◆ Aim of the exercise ◆
Give all the lines below again, exactly, with no pictures.

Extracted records
○ ○ ○ ○ ○

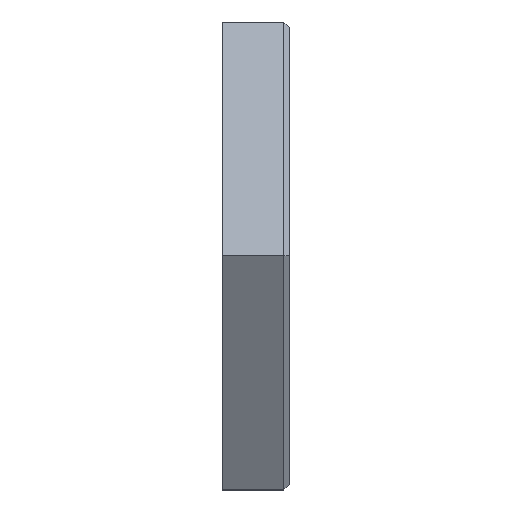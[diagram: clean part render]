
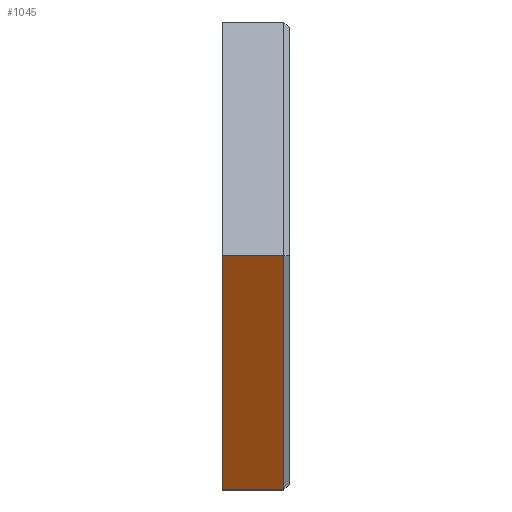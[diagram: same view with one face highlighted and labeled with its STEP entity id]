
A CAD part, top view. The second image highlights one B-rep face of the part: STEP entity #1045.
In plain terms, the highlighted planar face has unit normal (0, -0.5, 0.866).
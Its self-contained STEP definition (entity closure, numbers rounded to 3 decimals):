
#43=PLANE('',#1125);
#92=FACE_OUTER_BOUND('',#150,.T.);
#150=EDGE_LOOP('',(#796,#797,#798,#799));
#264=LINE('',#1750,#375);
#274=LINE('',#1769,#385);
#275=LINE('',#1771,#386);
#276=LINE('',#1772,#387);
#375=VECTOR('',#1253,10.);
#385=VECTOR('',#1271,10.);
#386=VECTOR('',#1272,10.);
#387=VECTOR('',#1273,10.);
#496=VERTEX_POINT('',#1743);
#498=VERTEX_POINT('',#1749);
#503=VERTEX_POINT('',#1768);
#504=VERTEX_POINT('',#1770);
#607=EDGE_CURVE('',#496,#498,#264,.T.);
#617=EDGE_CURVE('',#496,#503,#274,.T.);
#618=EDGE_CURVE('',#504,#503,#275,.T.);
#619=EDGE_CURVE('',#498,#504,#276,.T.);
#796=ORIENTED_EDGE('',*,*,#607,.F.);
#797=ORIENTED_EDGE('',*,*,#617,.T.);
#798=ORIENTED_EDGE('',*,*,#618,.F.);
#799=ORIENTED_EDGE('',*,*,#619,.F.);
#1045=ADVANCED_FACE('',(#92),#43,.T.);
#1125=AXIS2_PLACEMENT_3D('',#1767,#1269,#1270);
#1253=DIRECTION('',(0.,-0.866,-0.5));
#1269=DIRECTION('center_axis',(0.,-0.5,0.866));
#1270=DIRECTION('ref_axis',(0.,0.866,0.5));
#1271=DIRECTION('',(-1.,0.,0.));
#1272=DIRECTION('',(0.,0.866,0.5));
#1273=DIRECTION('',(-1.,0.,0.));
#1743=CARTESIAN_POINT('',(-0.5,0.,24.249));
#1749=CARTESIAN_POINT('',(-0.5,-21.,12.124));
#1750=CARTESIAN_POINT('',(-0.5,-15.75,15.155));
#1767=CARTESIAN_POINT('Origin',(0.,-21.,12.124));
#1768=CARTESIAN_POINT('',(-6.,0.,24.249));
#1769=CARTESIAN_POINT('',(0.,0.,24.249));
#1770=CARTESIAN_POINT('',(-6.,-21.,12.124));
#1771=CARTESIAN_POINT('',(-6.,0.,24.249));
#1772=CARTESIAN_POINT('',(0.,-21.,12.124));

○ ○ ○ ○ ○

◆ Result of the exercise ◆
[diagram: clean part render]
[diagram: same view with one face highlighted and labeled with its STEP entity id]
A CAD part, top view. The second image highlights one B-rep face of the part: STEP entity #1045.
In plain terms, the highlighted planar face has unit normal (0, -0.5, 0.866).
Its self-contained STEP definition (entity closure, numbers rounded to 3 decimals):
#43=PLANE('',#1125);
#92=FACE_OUTER_BOUND('',#150,.T.);
#150=EDGE_LOOP('',(#796,#797,#798,#799));
#264=LINE('',#1750,#375);
#274=LINE('',#1769,#385);
#275=LINE('',#1771,#386);
#276=LINE('',#1772,#387);
#375=VECTOR('',#1253,10.);
#385=VECTOR('',#1271,10.);
#386=VECTOR('',#1272,10.);
#387=VECTOR('',#1273,10.);
#496=VERTEX_POINT('',#1743);
#498=VERTEX_POINT('',#1749);
#503=VERTEX_POINT('',#1768);
#504=VERTEX_POINT('',#1770);
#607=EDGE_CURVE('',#496,#498,#264,.T.);
#617=EDGE_CURVE('',#496,#503,#274,.T.);
#618=EDGE_CURVE('',#504,#503,#275,.T.);
#619=EDGE_CURVE('',#498,#504,#276,.T.);
#796=ORIENTED_EDGE('',*,*,#607,.F.);
#797=ORIENTED_EDGE('',*,*,#617,.T.);
#798=ORIENTED_EDGE('',*,*,#618,.F.);
#799=ORIENTED_EDGE('',*,*,#619,.F.);
#1045=ADVANCED_FACE('',(#92),#43,.T.);
#1125=AXIS2_PLACEMENT_3D('',#1767,#1269,#1270);
#1253=DIRECTION('',(0.,-0.866,-0.5));
#1269=DIRECTION('center_axis',(0.,-0.5,0.866));
#1270=DIRECTION('ref_axis',(0.,0.866,0.5));
#1271=DIRECTION('',(-1.,0.,0.));
#1272=DIRECTION('',(0.,0.866,0.5));
#1273=DIRECTION('',(-1.,0.,0.));
#1743=CARTESIAN_POINT('',(-0.5,0.,24.249));
#1749=CARTESIAN_POINT('',(-0.5,-21.,12.124));
#1750=CARTESIAN_POINT('',(-0.5,-15.75,15.155));
#1767=CARTESIAN_POINT('Origin',(0.,-21.,12.124));
#1768=CARTESIAN_POINT('',(-6.,0.,24.249));
#1769=CARTESIAN_POINT('',(0.,0.,24.249));
#1770=CARTESIAN_POINT('',(-6.,-21.,12.124));
#1771=CARTESIAN_POINT('',(-6.,0.,24.249));
#1772=CARTESIAN_POINT('',(0.,-21.,12.124));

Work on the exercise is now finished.